Design-wise, there are a couple of standouts. But I'm not seeing any personality shine through.


----------



## F1Wild (Jun 15, 2009)

pm1626 said:


> I was rather bothered by the attitude of the designer in the military family makeover. The client requested warm neutral colors and the designer painted the walls blue. I would be very irritated even if it was a free makeover. A good designer is supposed to be a good listener. The designer does not have to live in the room either.
> It is like a hair sytlist that doesn't listen!


I can see both sides of this one - the wife said neutrals, browns & beiges on the show. What we see is the edited version so maybe more was said that we are not privy to. IMO, she didn't emphasize the colors, but more gave them out as her examples of "neutral". Vern said he was happy the contestants were able to show people that neutrals are not only brown & beige. Plus, they all seemed very happy with the room.


----------



## amyrebecca (Jul 28, 2009)

I really like Dan. He just looks so perfect all the time! He is so handsome, he looks made for tv. I also get the two women mixed up.
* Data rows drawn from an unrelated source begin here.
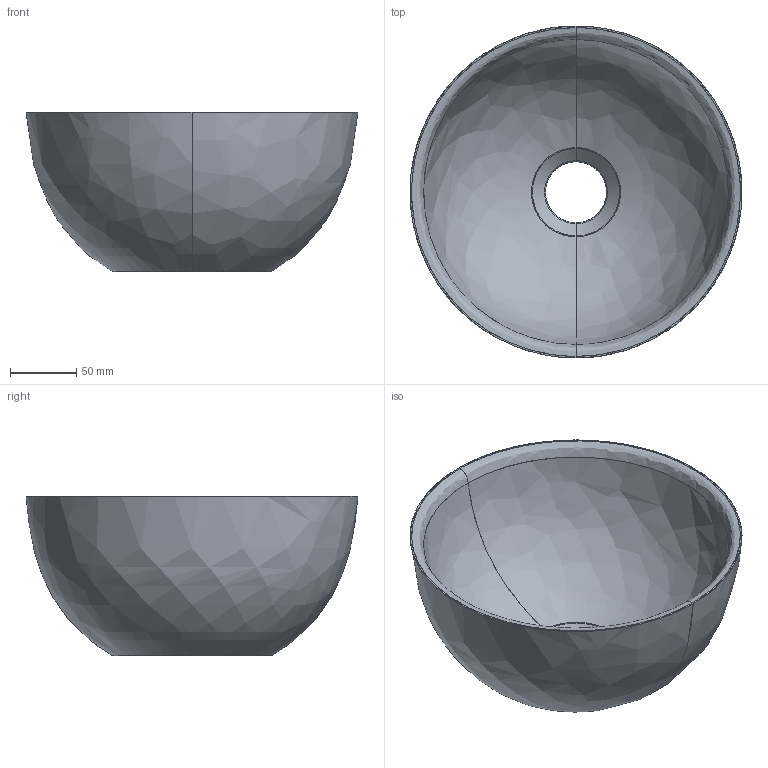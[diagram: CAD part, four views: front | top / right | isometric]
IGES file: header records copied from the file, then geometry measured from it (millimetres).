
Start section: SolidWorks IGES file using analytic representation for surfaces
Global section: file name: C:\Users\PC Lite\Desktop\2D_3D-PACKAGE\PAA-Washbasins-Do-25\PAA-Washbasins-Silkstone-Do-25-IDO25-XX-3D.IGS; native system: SolidWorks 2018; preprocessor: SolidWorks 2018; author: PC Lite; date: 240607.093441; units: millimetre
Bounding box: 250 x 250 x 120 mm (x, y, z)
Surface area: 187017.3 mm2 (no closed solid volume)
Topology: 0 solids, 0 shells, 16 faces, 248 edges, 248 vertices
Faces by surface type: bspline 12, revolution 4
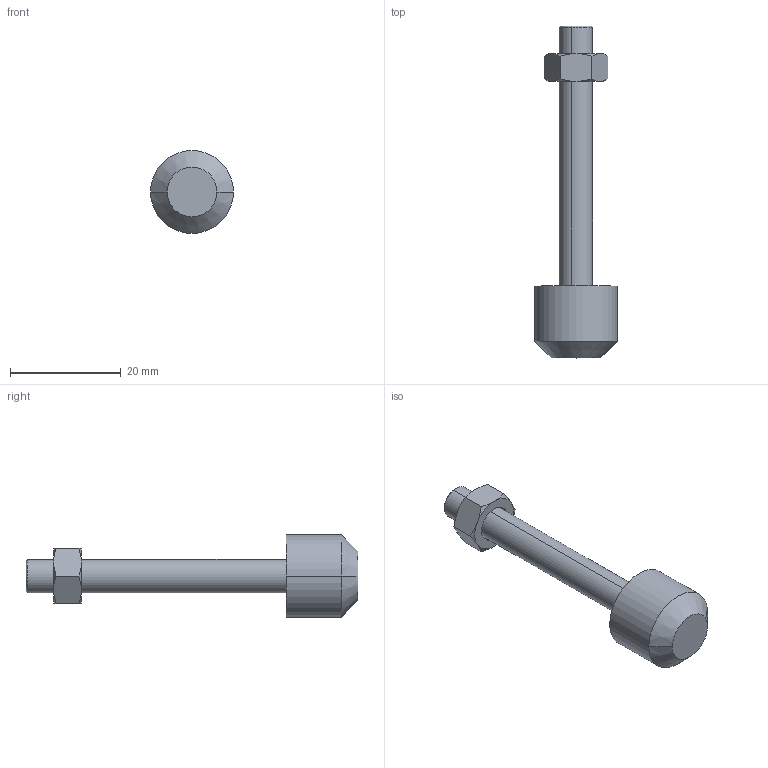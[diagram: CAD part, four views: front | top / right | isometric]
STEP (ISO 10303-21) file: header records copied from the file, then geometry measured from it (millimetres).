
FILE_DESCRIPTION (( 'STEP AP203' ), '1' );
FILE_NAME ('PB-M6.STEP', '2011-05-23T14:09:10', ( 'Usuario' ), ( '' ), 'SwSTEP 2.0', 'SolidWorks 2011', '' );
FILE_SCHEMA (( 'CONFIG_CONTROL_DESIGN' ));
Length unit declared in the file: millimetre
Products named in the file (4): 20.20013; 20.20009; PB-M6; 11.50001
Assembly tree (3 placements, depth 2):
  PB-M6
    20.20009
    11.50001
    20.20013
Bounding box: 15 x 60 x 15 mm (x, y, z)
Volume: 3684.1 mm3; surface area: 2360.2 mm2
Topology: 3 solids, 3 shells, 44 faces, 90 edges, 51 vertices
Faces by surface type: cone 24, plane 12, cylinder 8
Entity records: 1616 total; most frequent: CARTESIAN_POINT 309, DIRECTION 202, ORIENTED_EDGE 176, EDGE_CURVE 88, AXIS2_PLACEMENT_3D 88, VERTEX_POINT 51, EDGE_LOOP 47, FACE_OUTER_BOUND 44

This is the first season I have followed and I am really enjoying it.


----------



## F1Wild (Jun 15, 2009)

Dan seems the most mature and confident out of this seasons contestants, but he needs a big breakout moment.  Actually, I'm looking for anyone to have their "design" moment as opposed to the whiny meltdown ones that seem to flourish on these reality-type shows.


----------



## Gertie Kindle (Nov 6, 2008)

F1Wild said:


> Dan seems the most mature and confident out of this seasons contestants, but he needs a big breakout moment. Actually, I'm looking for anyone to have their "design" moment as opposed to the whiny meltdown ones that seem to flourish on these reality-type shows.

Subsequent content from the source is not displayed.